Recent research fields include:

  • Discrete Dynamical systems represented by the iteration of noninvertible maps: the study of their  global properties and bifurcations by the method of critical manifolds.
  • Iterated maps with a vanishing denominator and their  global properties related to focal points and prefocal curves.
  • Applications of dynamical systems to the description of economic and financial time evolutions.
  • Existence and stability of equilibria, local and global bifurcations leading to the creation of attractors or basins of attraction with a complex topological structure.
  • Dynamic modeling of the exploitation of natural resources by using the methods of mathematical bioeconomics and game theoretic approaches.
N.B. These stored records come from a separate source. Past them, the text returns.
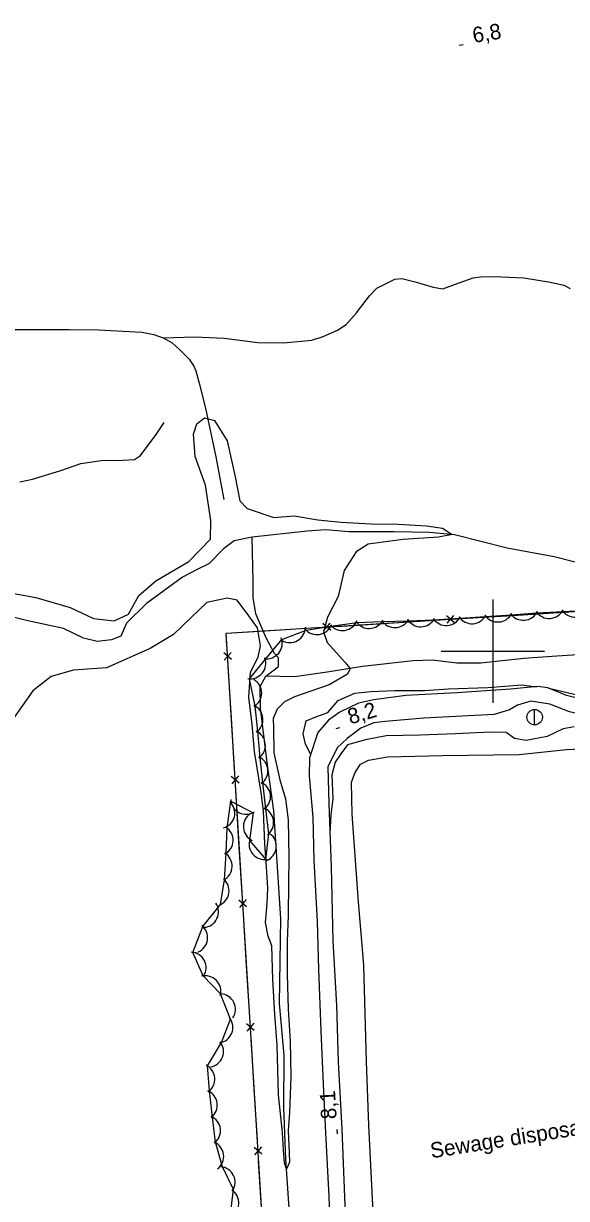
# Model space of a CAD drawing. Extents: x 643342 to 646936, y 5873857 to 5876103.
# Drawn here: x 645909.1 to 646014.3, y 5874894 to 5875121.6 of the extents above; entities that cross this region are included whole.
import ezdxf

# ---------------------------------------------------------------- set-up
doc = ezdxf.new("R2010")
doc.units = 0
for name, color, linetype in [('Niveau 2', 7, 'Continuous'), ('Niveau 21', 7, 'Continuous'), ('Niveau 22', 7, 'Continuous'), ('Niveau 3', 7, 'Continuous'), ('Niveau 33', 7, 'Continuous'), ('Niveau 36', 7, 'Continuous'), ('Niveau 37', 7, 'Continuous'), ('Niveau 4', 7, 'Continuous'), ('Niveau 44', 7, 'Continuous'), ('Niveau 61', 7, 'Continuous')]:
    doc.layers.add(name, color=color, linetype=linetype)

msp = doc.modelspace()

# ---------------------------------------------------------------- linework, layer by layer
at = {"layer": 'Niveau 2'}
for points in [[(645903.7, 5875011.81), (645911.48, 5875010.41), (645918.12, 5875008.48), (645922.65, 5875006.32), (645926.69, 5875005.91), (645929.41, 5875007.16), (645931.46, 5875010.81), (645934.72, 5875013.63), (645941.16, 5875017.39), (645945.35, 5875021.71), (645945.36, 5875025.33), (645944.37, 5875032.15), (645942.37, 5875037.74), (645942.04, 5875042.03), (645942.71, 5875044.06), (645944.19, 5875045.22), (645946.1, 5875044.71), (645948.57, 5875040.73), (645950.09, 5875033.77), (645951.03, 5875029.16), (645952.43, 5875027.62), (645957.58, 5875025.88), (645961.53, 5875026.2), (645966.14, 5875025.47), (645970.61, 5875025.02), (645976.42, 5875024.66), (645981.67, 5875024.61), (645987.18, 5875024.28), (645990.25, 5875023.85), (645992.13, 5875022.59), (645989.48, 5875022.12), (645982.63, 5875021.65), (645975.87, 5875020.72), (645973.53, 5875019.27), (645971.24, 5875015.61), (645970.05, 5875010.63), (645968.02, 5875006.57), (645967.24, 5875003.78)], [(645958.5, 5874914.05), (645958.23, 5874923.67), (645957.78, 5874929.6), (645957.38, 5874936.41), (645957.23, 5874942.95), (645956.5, 5874944.82), (645955.95, 5874947.41), (645956.31, 5874951.12), (645956.43, 5874954.11), (645956.18, 5874958.24), (645955.84, 5874962.71), (645955.58, 5874969.06), (645955.14, 5874972.6), (645953.83, 5874980.57), (645953.37, 5874985.79), (645952.73, 5874991.12), (645953.06, 5874995.93), (645954.59, 5874998.84), (645955.01, 5875001.03), (645954.45, 5875004.5), (645952.76, 5875006.83), (645950.48, 5875009.89), (645948.58, 5875010.28), (645944.62, 5875009.43), (645941.57, 5875006.53), (645938.19, 5875003.26), (645933.66, 5875000.53), (645925.18, 5874996.79), (645918.79, 5874996.35), (645914.44, 5874995.12), (645910.91, 5874992.3), (645906.9, 5874986.65)], [(645967.24, 5875003.78), (645967.92, 5875001.72), (645969.14, 5875000.35), (645971.43, 5874997.82), (645972.4, 5874996.65), (645971.85, 5874995.56), (645968.32, 5874993.51), (645961.61, 5874991.18), (645959.64, 5874990.22), (645958.23, 5874988.78), (645957.49, 5874986.98), (645957.52, 5874985.17), (645957.59, 5874980.33), (645958.75, 5874975.09), (645959.86, 5874971.37), (645960.4, 5874967.32), (645960.49, 5874960.03), (645960.46, 5874955), (645960.35, 5874948.86), (645960.15, 5874943.76), (645960.18, 5874937.34), (645960.34, 5874930.63), (645960.75, 5874924.46), (645960.87, 5874917.58), (645960.64, 5874910.61), (645960.38, 5874907.14), (645960.57, 5874902.8), (645960.62, 5874901.02), (645960.07, 5874899.67), (645959.68, 5874900.9), (645959.47, 5874903.28), (645959.29, 5874906.77), (645958.5, 5874914.05)], [(645964.74, 5874980.05), (645964.73, 5874980.09), (645963.71, 5874982), (645963.27, 5874984.01), (645963.89, 5874986.5), (645965.7, 5874987.27), (645968.08, 5874988.13), (645970.06, 5874990.43), (645973.27, 5874991.87), (645976.4, 5874992.2), (645981.04, 5874992.41), (645986.76, 5874992.39), (645991.39, 5874992.71), (645999.07, 5874992.95), (646005.67, 5874993.46), (646008.5, 5874993.13)], [(646010.84, 5874992.86), (646018.25, 5874991.12), (646023.69, 5874990.91), (646028.56, 5874991.19), (646031.72, 5874991.64), (646032.73, 5874991.51)], [(646015.78, 5874985.36), (646013.66, 5874984.98), (646010.57, 5874983.48), (646006.49, 5874982.68), (646004.19, 5874983.1), (646002.59, 5874984.22), (645999.55, 5874984.3), (645992.82, 5874984.01), (645985.96, 5874983.71), (645979.33, 5874983.6), (645975.36, 5874982.86), (645971.88, 5874981.87), (645970.56, 5874980.14), (645969.46, 5874978.49), (645968.83, 5874976.06), (645969.01, 5874971.41), (645968.61, 5874968.29), (645968.47, 5874964.7)]]:
    msp.add_lwpolyline(points, dxfattribs=at)
at = {"layer": 'Niveau 21'}
for points in [[(646018.8, 5874990.34), (646014.29, 5874991.43), (646010.68, 5874992.93), (646008.68, 5874993.14), (646003.47, 5874992.67), (645993.04, 5874991.95), (645983.18, 5874991.39), (645976.95, 5874990.61), (645973.97, 5874989.94), (645970.37, 5874988.17), (645968.16, 5874986.62), (645966.12, 5874984.27), (645964.52, 5874979.37), (645964.43, 5874975.87), (645965.16, 5874967.87), (645965.34, 5874959.49), (645966.01, 5874947.63), (645966.25, 5874938.43), (645966.7, 5874926.45), (645967.14, 5874916.09), (645967.62, 5874906.68), (645968.22, 5874894.35), (645968.86, 5874878.28)], [(646058.61, 5874887.28), (646058.42, 5874903.33), (646058.27, 5874915.89), (646057.71, 5874929.23), (646057.56, 5874941.79), (646057.25, 5874956.42), (646056.72, 5874969.41), (646056.22, 5874981.94), (646055.07, 5874990.93), (646054.16, 5874992.14), (646052.93, 5874992.99), (646051.07, 5874993.09), (646047.52, 5874992.38), (646043.29, 5874991.39), (646040.42, 5874990.85), (646037.79, 5874990.2), (646028.26, 5874988.5), (646024.21, 5874988.22), (646016.9, 5874987.83), (646014.88, 5874988.27), (646011.04, 5874989.76), (646007.4, 5874990.3)], [(646007.4, 5874990.3), (646004.78, 5874989.54), (646003.22, 5874988.62), (646000.26, 5874987.71), (645986.68, 5874987.01), (645979.16, 5874986.38), (645976.96, 5874986.11), (645974.47, 5874985.12), (645971.83, 5874983.07), (645969.87, 5874981.31), (645968.06, 5874977.57), (645968.25, 5874970.46), (645968.72, 5874958.25), (645969, 5874943.92), (645969.72, 5874931.37), (645970.09, 5874920.43), (645970.74, 5874907.4), (645971.28, 5874894.25), (645971.92, 5874879.71)]]:
    msp.add_lwpolyline(points, dxfattribs=at)
at = {"layer": 'Niveau 22'}
for points in [[(645936.15, 5875060.72), (645942.28, 5875060.9), (645947.96, 5875060.65), (645954.48, 5875059.79), (645959.45, 5875059.77), (645964.96, 5875060.28), (645967.14, 5875060.97), (645969.95, 5875062.2), (645971.6, 5875063.33), (645973.63, 5875065.56), (645976.15, 5875068.82), (645977.57, 5875070.31), (645979.34, 5875071.26), (645981.01, 5875072.09), (645982.36, 5875072.22), (645984.96, 5875071.58), (645988.47, 5875070.54), (645990.35, 5875070.23), (645992.61, 5875071.03), (645996.19, 5875072.33), (645997.63, 5875072.56), (646000.36, 5875072.62), (646006.03, 5875072.37), (646011.18, 5875071.48), (646013.77, 5875070.94), (646015, 5875070.28)], [(645905.33, 5875062.3), (645910.4, 5875062.33), (645917.95, 5875062.35), (645923.62, 5875062.24), (645932.05, 5875061.81), (645934.33, 5875061.34), (645936.15, 5875060.72), (645937.9, 5875059.72), (645939.33, 5875058.44), (645941.17, 5875056.56), (645942.12, 5875055.23), (645942.5, 5875054.29), (645943.11, 5875051.96), (645944.35, 5875047.06), (645946.39, 5875037.69), (645947.94, 5875029.4)], [(645908.36, 5875032.83), (645910.85, 5875033.35), (645916.35, 5875035.03), (645920.23, 5875036.37), (645924.17, 5875036.93), (645928.36, 5875037.03), (645930.59, 5875037.13), (645931.78, 5875037.93), (645934.81, 5875042.01), (645936.36, 5875044.3)]]:
    msp.add_lwpolyline(points, dxfattribs=at)
at = {"layer": 'Niveau 3'}
for p, q in [((645993.47, 5875117.44), (645994.26, 5875117.57)), ((645969.64, 5874985.02), (645970.41, 5874985.24)), ((645969.9, 5874906.52), (645969.85, 5874907.32))]:
    msp.add_line(p, q, dxfattribs=at)
at = {"layer": 'Niveau 33'}
msp.add_lwpolyline([(645976.82, 5874891.29), (645976, 5874908.17), (645975.52, 5874920.51), (645975.03, 5874939.16), (645973.97, 5874951.46), (645972.79, 5874968.43), (645972.67, 5874974.6), (645973.34, 5874976.52), (645974.38, 5874978.11), (645975.96, 5874978.92), (645979.64, 5874979.52), (645990.24, 5874979.78), (646005.15, 5874980), (646014.29, 5874980.98), (646035.9, 5874982)], dxfattribs=at)
at = {"layer": 'Niveau 36'}
msp.add_lwpolyline([(646008.12, 5874985.72), (646008.12, 5874988.72)], dxfattribs=at)
msp.add_circle((646008.12, 5874987.22), 1.5, dxfattribs=at)
at = {"layer": 'Niveau 37'}
for points in [[(646152.66, 5875016.23), (646179.19, 5874807.95), (645961.38, 5874791.81), (645948.36, 5875003.47), (646152.66, 5875016.23)], [(645967.21, 5875003.94), (645968.53, 5875005.44)], [(645969.86, 5875004.82), (645979.84, 5875005.44)], [(645979.84, 5875005.44), (645989.83, 5875006.06)], [(645992.57, 5875005.53), (645991.07, 5875006.85)], [(645991.16, 5875005.44), (645992.48, 5875006.94)], [(645993.82, 5875006.31), (646003.8, 5875006.94)], [(646003.8, 5875006.94), (646013.78, 5875007.56)], [(645948.51, 5875001.02), (645948.36, 5875003.47), (645955.89, 5875003.94)], [(645955.89, 5875003.94), (645965.87, 5875004.57)], [(645968.62, 5875004.03), (645967.12, 5875005.35)], [(645949.39, 5874998.37), (645947.89, 5874999.69)], [(645949.3, 5874999.78), (645947.97, 5874998.28)], [(645949.37, 5874987.05), (645948.76, 5874997.03)], [(645949.99, 5874977.07), (645949.37, 5874987.05)], [(645950.77, 5874975.83), (645949.45, 5874974.32)], [(645950.86, 5874974.41), (645949.36, 5874975.74)], [(645950.84, 5874963.1), (645950.23, 5874973.08)], [(645951.46, 5874953.12), (645950.84, 5874963.1)], [(645952.33, 5874950.46), (645950.83, 5874951.78)], [(645952.24, 5874951.87), (645950.92, 5874950.37)], [(645952.32, 5874939.14), (645951.7, 5874949.13)], [(645952.93, 5874929.16), (645952.32, 5874939.14)], [(645953.8, 5874926.5), (645952.3, 5874927.83)], [(645953.72, 5874927.92), (645952.39, 5874926.42)], [(645953.79, 5874915.19), (645953.18, 5874925.17)], [(645954.4, 5874905.21), (645953.79, 5874915.19)], [(645955.28, 5874902.55), (645953.78, 5874903.88)], [(645955.19, 5874903.96), (645953.86, 5874902.46)], [(645955.26, 5874891.24), (645954.65, 5874901.22)]]:
    msp.add_lwpolyline(points, dxfattribs=at)
at = {"layer": 'Niveau 4'}
for points in [[(646019.29, 5875016.44), (646011.92, 5875018.27), (646002.8, 5875019.98), (645992.57, 5875022.54), (645987.75, 5875023.03), (645980.86, 5875023.14), (645972.1, 5875023.12), (645967.63, 5875023.52), (645964.03, 5875023.27), (645953.37, 5875022.07), (645949.92, 5875021.37), (645947.82, 5875019.82), (645945, 5875016.94), (645942.74, 5875015.85), (645939.93, 5875014.37), (645937.94, 5875012.95), (645932.96, 5875009.22), (645929.04, 5875005.44), (645927.94, 5875002.91), (645926.13, 5875002.2), (645923.34, 5875001.89), (645920.72, 5875002.53), (645916.84, 5875004.37), (645909.94, 5875005.88), (645894.91, 5875009.65)], [(645960.84, 5874888.3), (645959.94, 5874901.56), (645959.52, 5874911.58), (645959.57, 5874921.75), (645958.69, 5874931.75), (645958.95, 5874948.13), (645958.23, 5874959.18), (645957.59, 5874969.07), (645956.29, 5874978.44), (645955.01, 5874988.99), (645954.93, 5874993.19), (645956.06, 5874995.14), (645958.49, 5874997.06), (645958.48, 5874998.69), (645957.71, 5874999.57), (645956.07, 5875002.73), (645954.08, 5875007.27), (645953.61, 5875010.39), (645953.61, 5875013.43), (645953.37, 5875022.07)], [(646026.87, 5874998.96), (646019.48, 5874999.5), (646012.4, 5874999.02), (646006.02, 5874998.58), (645997.69, 5874997.66), (645993.02, 5874997.68), (645988.3, 5874998.29), (645984.58, 5874998.15), (645974.75, 5874997.01), (645967.94, 5874995.96), (645961.58, 5874995.05), (645956.06, 5874995.14)]]:
    msp.add_lwpolyline(points, dxfattribs=at)
at = {"layer": 'Niveau 44'}
for points in [[(645955.44, 5874974.56), (645954.97, 5874979.39), (645954.47, 5874984.51), (645954, 5874989.35), (645952.86, 5874994.67), (645956.04, 5874998.53), (645959.12, 5875002.28), (645963.84, 5875004.08), (645968.63, 5875004.85), (645973.69, 5875005.57), (645978.54, 5875005.73), (645983.68, 5875005.9), (645988.53, 5875006.06), (645993.68, 5875006.39), (645998.52, 5875006.72), (646003.65, 5875007.07), (646008.5, 5875007.41), (646013.63, 5875007.71), (646018.48, 5875007.96)], [(645949.12, 5874890.43), (645949.75, 5874895.71), (645947.64, 5874900.08), (645946.32, 5874904.9), (645945.71, 5874909.71), (645945.11, 5874914.81), (645944.74, 5874919.65), (645947.43, 5874924.2), (645949.2, 5874928.72), (645947.29, 5874933.6), (645943.9, 5874937.08), (645941.93, 5874941.66), (645943.87, 5874946.64), (645947.27, 5874950.91), (645948.05, 5874955.7), (645948.37, 5874960.86), (645948.56, 5874965.71), (645949.28, 5874970.97), (645953.57, 5874968.7), (645952.88, 5874963.36), (645956.02, 5874959.65), (645956.61, 5874964.64), (645956.02, 5874969.46), (645955.44, 5874974.56)]]:
    msp.add_lwpolyline(points, dxfattribs=at)
for centre, start, end in [((646005.95, 5875009), 213.9515, 333.9295), ((646005.95, 5875009), 213.9515, 333.9295), ((646005.95, 5875009), 213.9515, 333.9295), ((646010.94, 5875009.34), 213.9515, 333.9295), ((646010.94, 5875009.34), 213.9515, 333.9295), ((646010.94, 5875009.34), 213.9515, 333.9295), ((646015.96, 5875009.6), 212.8764, 332.8543), ((646015.96, 5875009.6), 212.8764, 332.8543), ((646015.96, 5875009.6), 212.8764, 332.8543), ((645970.89, 5875007), 219.2125, 339.1904), ((645970.89, 5875007), 219.2125, 339.1904), ((645970.89, 5875007), 219.2125, 339.1904), ((645976.05, 5875007.41), 211.9197, 331.8977), ((645976.05, 5875007.41), 211.9197, 331.8977), ((645976.05, 5875007.41), 211.9197, 331.8977), ((645981.05, 5875007.58), 211.9197, 331.8977), ((645981.05, 5875007.58), 211.9197, 331.8977), ((645981.05, 5875007.58), 211.9197, 331.8977), ((645986.05, 5875007.74), 211.9197, 331.8977), ((645986.05, 5875007.74), 211.9197, 331.8977), ((645986.05, 5875007.74), 211.9197, 331.8977), ((645990.99, 5875007.97), 213.9515, 333.9295), ((645990.99, 5875007.97), 213.9515, 333.9295), ((645990.99, 5875007.97), 213.9515, 333.9295), ((645995.98, 5875008.31), 213.9515, 333.9295), ((645995.98, 5875008.31), 213.9515, 333.9295), ((645995.98, 5875008.31), 213.9515, 333.9295), ((646000.97, 5875008.66), 213.9515, 333.9295), ((646000.97, 5875008.66), 213.9515, 333.9295), ((646000.97, 5875008.66), 213.9515, 333.9295), ((645960.7, 5875004.67), 240.0802, 0.0582), ((645960.7, 5875004.67), 240.0802, 0.0582), ((645960.7, 5875004.67), 240.0802, 0.0582), ((645965.95, 5875006.21), 219.2125, 339.1904), ((645965.95, 5875006.21), 219.2125, 339.1904), ((645965.95, 5875006.21), 219.2125, 339.1904), ((645956.22, 5875001.53), 260.5624, 20.5404), ((645956.22, 5875001.53), 260.5624, 20.5404), ((645956.22, 5875001.53), 260.5624, 20.5404), ((645953.04, 5874997.66), 260.5624, 20.5404), ((645953.04, 5874997.66), 260.5624, 20.5404), ((645953.04, 5874997.66), 260.5624, 20.5404), ((645952.24, 5874991.88), 300.6387, 60.6166), ((645952.24, 5874991.88), 300.6387, 60.6166), ((645952.24, 5874991.88), 300.6387, 60.6166), ((645952.48, 5874986.76), 305.5995, 65.5775), ((645952.48, 5874986.76), 305.5995, 65.5775), ((645952.48, 5874986.76), 305.5995, 65.5775), ((645952.96, 5874981.78), 305.5995, 65.5775), ((645952.96, 5874981.78), 305.5995, 65.5775), ((645952.96, 5874981.78), 305.5995, 65.5775), ((645953.45, 5874976.81), 305.5995, 65.5775), ((645953.45, 5874976.81), 305.5995, 65.5775), ((645953.45, 5874976.81), 305.5995, 65.5775), ((645953.95, 5874971.79), 307.0197, 66.9977), ((645953.95, 5874971.79), 307.0197, 66.9977), ((645953.95, 5874971.79), 307.0197, 66.9977), ((645952.25, 5874971.4), 182.0663, 302.0442), ((645952.25, 5874971.4), 182.0663, 302.0442), ((645952.25, 5874971.4), 182.0663, 302.0442), ((645947.04, 5874968.65), 285.9226, 45.9005), ((645947.04, 5874968.65), 285.9226, 45.9005), ((645947.04, 5874968.65), 285.9226, 45.9005), ((645954.56, 5874966.83), 307.0197, 66.9977), ((645954.56, 5874966.83), 307.0197, 66.9977), ((645954.56, 5874966.83), 307.0197, 66.9977), ((645954.69, 5874966.03), 124.3894, 244.3673), ((645954.69, 5874966.03), 124.3894, 244.3673), ((645954.69, 5874966.03), 124.3894, 244.3673), ((645946.71, 5874963.36), 297.7831, 57.761), ((645946.71, 5874963.36), 297.7831, 57.761), ((645946.71, 5874963.36), 297.7831, 57.761), ((645955.07, 5874962.23), 293.0723, 53.0502), ((645955.07, 5874962.23), 293.0723, 53.0502), ((645955.07, 5874962.23), 293.0723, 53.0502), ((645955.8, 5874962.64), 160.2271, 280.205), ((645955.8, 5874962.64), 160.2271, 280.205), ((645955.8, 5874962.64), 160.2271, 280.205), ((645946.51, 5874958.36), 297.7831, 57.761), ((645946.51, 5874958.36), 297.7831, 57.761), ((645946.51, 5874958.36), 297.7831, 57.761), ((645945.92, 5874953.59), 290.8038, 50.7817), ((645945.92, 5874953.59), 290.8038, 50.7817), ((645945.92, 5874953.59), 290.8038, 50.7817), ((645943.88, 5874949.5), 274.2002, 34.1782), ((645943.88, 5874949.5), 274.2002, 34.1782), ((645943.88, 5874949.5), 274.2002, 34.1782), ((645941.77, 5874944.5), 291.571, 51.5489), ((645941.77, 5874944.5), 291.571, 51.5489), ((645941.77, 5874944.5), 291.571, 51.5489), ((645941.47, 5874938.69), 327.3005, 87.2784), ((645941.47, 5874938.69), 327.3005, 87.2784), ((645941.47, 5874938.69), 327.3005, 87.2784), ((645944.33, 5874934.11), 344.1898, 104.1678), ((645944.33, 5874934.11), 344.1898, 104.1678), ((645944.33, 5874934.11), 344.1898, 104.1678), ((645947.16, 5874930.62), 326.5648, 86.5428), ((645947.16, 5874930.62), 326.5648, 86.5428), ((645947.16, 5874930.62), 326.5648, 86.5428), ((645946.67, 5874927.11), 278.6205, 38.5984), ((645946.67, 5874927.11), 278.6205, 38.5984), ((645946.67, 5874927.11), 278.6205, 38.5984), ((645944.85, 5874922.45), 278.6205, 38.5984), ((645944.85, 5874922.45), 278.6205, 38.5984), ((645944.85, 5874922.45), 278.6205, 38.5984), ((645943.17, 5874917.1), 304.3866, 64.3646), ((645943.17, 5874917.1), 304.3866, 64.3646), ((645943.17, 5874917.1), 304.3866, 64.3646), ((645943.65, 5874912.05), 307.1345, 67.1124), ((645943.65, 5874912.05), 307.1345, 67.1124), ((645943.65, 5874912.05), 307.1345, 67.1124), ((645944.27, 5874907.09), 307.1345, 67.1124), ((645944.27, 5874907.09), 307.1345, 67.1124), ((645944.27, 5874907.09), 307.1345, 67.1124), ((645944.88, 5874902.13), 307.1345, 67.1124), ((645944.88, 5874902.13), 307.1345, 67.1124), ((645944.88, 5874902.13), 307.1345, 67.1124), ((645947.1, 5874897.13), 325.7678, 85.7458), ((645947.1, 5874897.13), 325.7678, 85.7458), ((645947.1, 5874897.13), 325.7678, 85.7458), ((645947.83, 5874893.09), 297.2628, 57.2408), ((645947.83, 5874893.09), 297.2628, 57.2408), ((645947.83, 5874893.09), 297.2628, 57.2408)]:
    msp.add_arc(centre, 3, start, end, dxfattribs=at)
at = {"layer": 'Niveau 61'}
for points in [[(646000, 5875010), (646000, 5875000), (646000, 5874990)], [(645990, 5875000), (646000, 5875000), (646010, 5875000)]]:
    msp.add_lwpolyline(points, dxfattribs=at)

# ---------------------------------------------------------------- texts
at = {"layer": 'Niveau 3'}
for s, rotation, p in [('6,8  ', 8.9405, (645996.32, 5875117.85)), ('8,2  ', 16.4364, (645972.41, 5874985.79)), ('8,1  ', 93.3312, (645969.77, 5874909.4))]:
    msp.add_text(s, height=3, rotation=rotation, dxfattribs=at).set_placement(p)
at = {"layer": 'Niveau 33'}
msp.add_text('Sewage disposal pond', height=3, rotation=8.9405, dxfattribs=at).set_placement((645988.14, 5874901.75))

doc.saveas('drawing.dxf')
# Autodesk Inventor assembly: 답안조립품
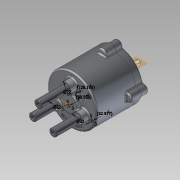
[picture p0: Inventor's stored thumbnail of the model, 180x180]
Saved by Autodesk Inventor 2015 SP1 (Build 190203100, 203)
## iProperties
Created: 2014-12
Part Number: 답안조립품
Document SubType Name: Assembly
Designer: mypark
Mass: 2107.58 g
Surface Area: 1801.23 cm^2
Volume: 438.526 cm^3
Density: 4.80606 g/cm^3
Author: mypark
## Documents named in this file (14)
- C:\Users\mypark\Desktop\Inventor1급-박미영\답안조립품.iam
- C:\Users\mypark\Desktop\Inventor1급-박미영\몸체.ipt
- C:\Users\mypark\Desktop\Inventor1급-박미영\M5x0.5x20.ipt
- C:\Users\mypark\Desktop\Inventor1급-박미영\가변 스프링-01.ipt
- C:\Users\mypark\Desktop\Inventor1급-박미영\가변 스프링-02.ipt
- C:\Users\mypark\Desktop\Inventor1급-박미영\가변 스프링-03.ipt
- C:\Users\mypark\Desktop\Inventor1급-박미영\멈춤링 10 x 1.ipt
- C:\Users\mypark\Desktop\Inventor1급-박미영\멈춤링 22 x 1.2.ipt
- C:\Users\mypark\Desktop\Inventor1급-박미영\메인 축.ipt
- C:\Users\mypark\Desktop\Inventor1급-박미영\베어링 NA 4900.ipt
- C:\Users\mypark\Desktop\Inventor1급-박미영\슬라이드 축.ipt
- C:\Users\mypark\Desktop\Inventor1급-박미영\오일실.ipt
- C:\Users\mypark\Desktop\Inventor1급-박미영\커버.ipt
- C:\Users\mypark\Desktop\Inventor1급-박미영\판캠.ipt
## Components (7 placed, 4 different names)
1. M5x0.5x20:1
2. 가변 스프링-01:1
3. 가변 스프링-02:1
4. 가변 스프링-03:1
5. M5x0.5x20:2
6. M5x0.5x20:3
7. M5x0.5x20:4

  • Evolutionary games and methods for the study of equilibrium selection problems.
  • Cournot oligopoly games with boundedly  rational players.
  • Problems of multistability (two or more coexisting stable equilibria, or more complex attracting sets) and study of global properties and bifurcatuions of the basins of attraction.
  • Economic models with bounded rationality characterized by learning schemes involving weighted averages of past realizations.
  • Problems of chaos synchronization, on-off intermittency, riddling bifurcations and applications to dynamic symmetric games.
  • Study of global dynamic properties of economic models with learning, with particular emphasis on problems of coexisting attractors and delimitation of the basins of attraction.